President Mahinda Rajapakse led celebrations at a major victory parade Sunday to mark the fifth anniversary of the end of Sri Lanka's Tamil separatist war after commemorations for its victims were blocked. Most top envoys of Western nations stayed away from the parade, but a defiant Rajapakse insisted he would not bow to pressure from foreign critics who are pushing him to investigate claims that tens of thousands died in the final stages of the conflict.
"Some governments are blind, deaf and dumb. They are opposed to our celebrating this victory," Rajapakse said in a televised speech from Matara, his birthplace in the Sinhalese heartland of the island's south.
"We are not celebrating victory in a war, we are celebrating peace.
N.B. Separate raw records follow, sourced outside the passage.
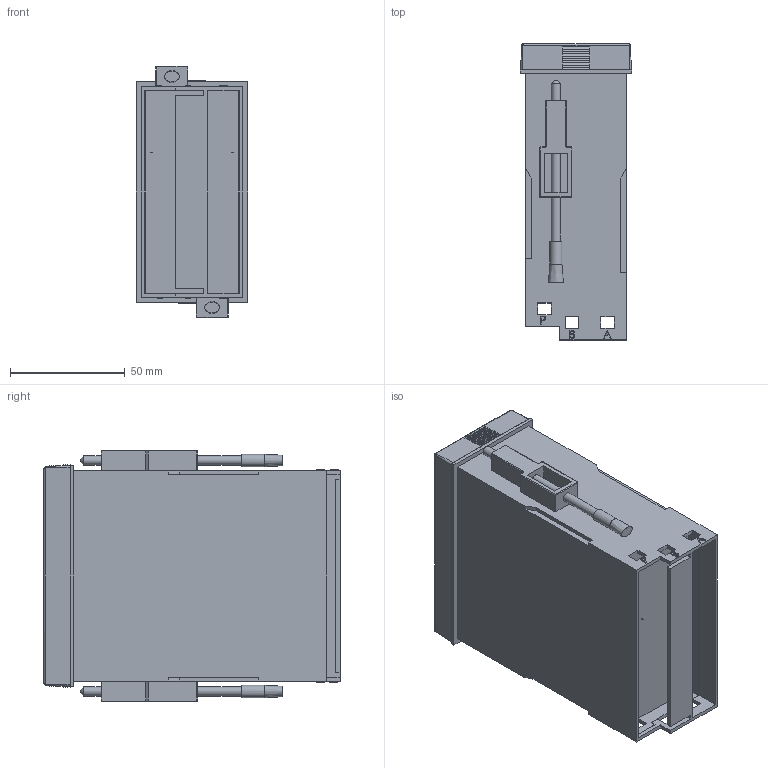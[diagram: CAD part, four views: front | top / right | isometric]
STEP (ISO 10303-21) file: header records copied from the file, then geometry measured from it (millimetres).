
FILE_DESCRIPTION( ( '' ), '1' );
FILE_NAME( '//SERVER/Users/WC000/WC011/WORKING/DEV/V 1-00/8800/8800 - CC -01.stp', '2017-04-05T19:33:32', ( 'KPM' ), ( 'KMC Design' ), 'PSStep 17.0.49', ' ', ' ' );
FILE_SCHEMA( ( 'AUTOMOTIVE_DESIGN { 1 0 10303 214 1 1 1 1 }' ) );
Length unit declared in the file: millimetre
Products named in the file (7): Assem1; KS40 Housing; 4012-141-58553 Screw Type (P); 4012-141-58563 Screw Type (A B C); KS40 Front_KS98-2; CLAMP; overlay_8800
Assembly tree (7 placements, depth 2):
  Assem1
    KS40 Housing
    4012-141-58553 Screw Type (P)
    4012-141-58563 Screw Type (A B C)
    KS40 Front_KS98-2
    CLAMP  x2
    overlay_8800
Bounding box: 48.3 x 128.9 x 109.5 mm (x, y, z)
Volume: 466413.1 mm3; surface area: 75744.9 mm2
Topology: 7 solids, 7 shells, 482 faces, 1210 edges, 764 vertices
Faces by surface type: plane 328, cylinder 72, extrusion 30, torus 30, bspline 10, cone 8, sphere 4
Full cylindrical faces by diameter (mm): 2.9 x2, 4 x6, 5.3 x2
Entity records: 20486 total; most frequent: CARTESIAN_POINT 6499, ORIENTED_EDGE 2170, DIRECTION 2005, EDGE_CURVE 1085, VECTOR 879, LINE 849, VERTEX_POINT 692, AXIS2_PLACEMENT_3D 563

Irrespective of who opposes this, or who stays away, we will always commemorate this day," he added.
The 37-year conflict effectively ended on May 18, 2009, when troops killed the leader of the Tamil Tiger rebels, Velupillai Prabhakaran, in a brutal assault on the northern town of Mullaittivu.
The UN has estimated that at least 100,000 people died in the entire conflict, about 40,000 of them in the final months of fighting.
Rajapakse however has denied any civilians died in the finale and is resisting calls for an international inquiry into claims that troops killed thousands of civilians who had been herded into no-fire zones.
Around 7,500 troops took part in Sunday's military parade which featured tanks, gunboats and military aircraft.
Canada, a strong critic of Sri Lanka's war record, boycotted Sunday's parade while the top diplomats from other Western powers, including the United States and former colonial power Britain, were conspicuous by their absence.
Canadian High Commissioner (ambassador) Shelley Whiting said in a statement to a local newspaper Friday the parade was inappropriate because the government should be concentrating on reconciliation.
"Five years after the end of the conflict, the time has arrived for Sri Lanka to move past wartime discourse and to start working seriously towards reconciliation," she said.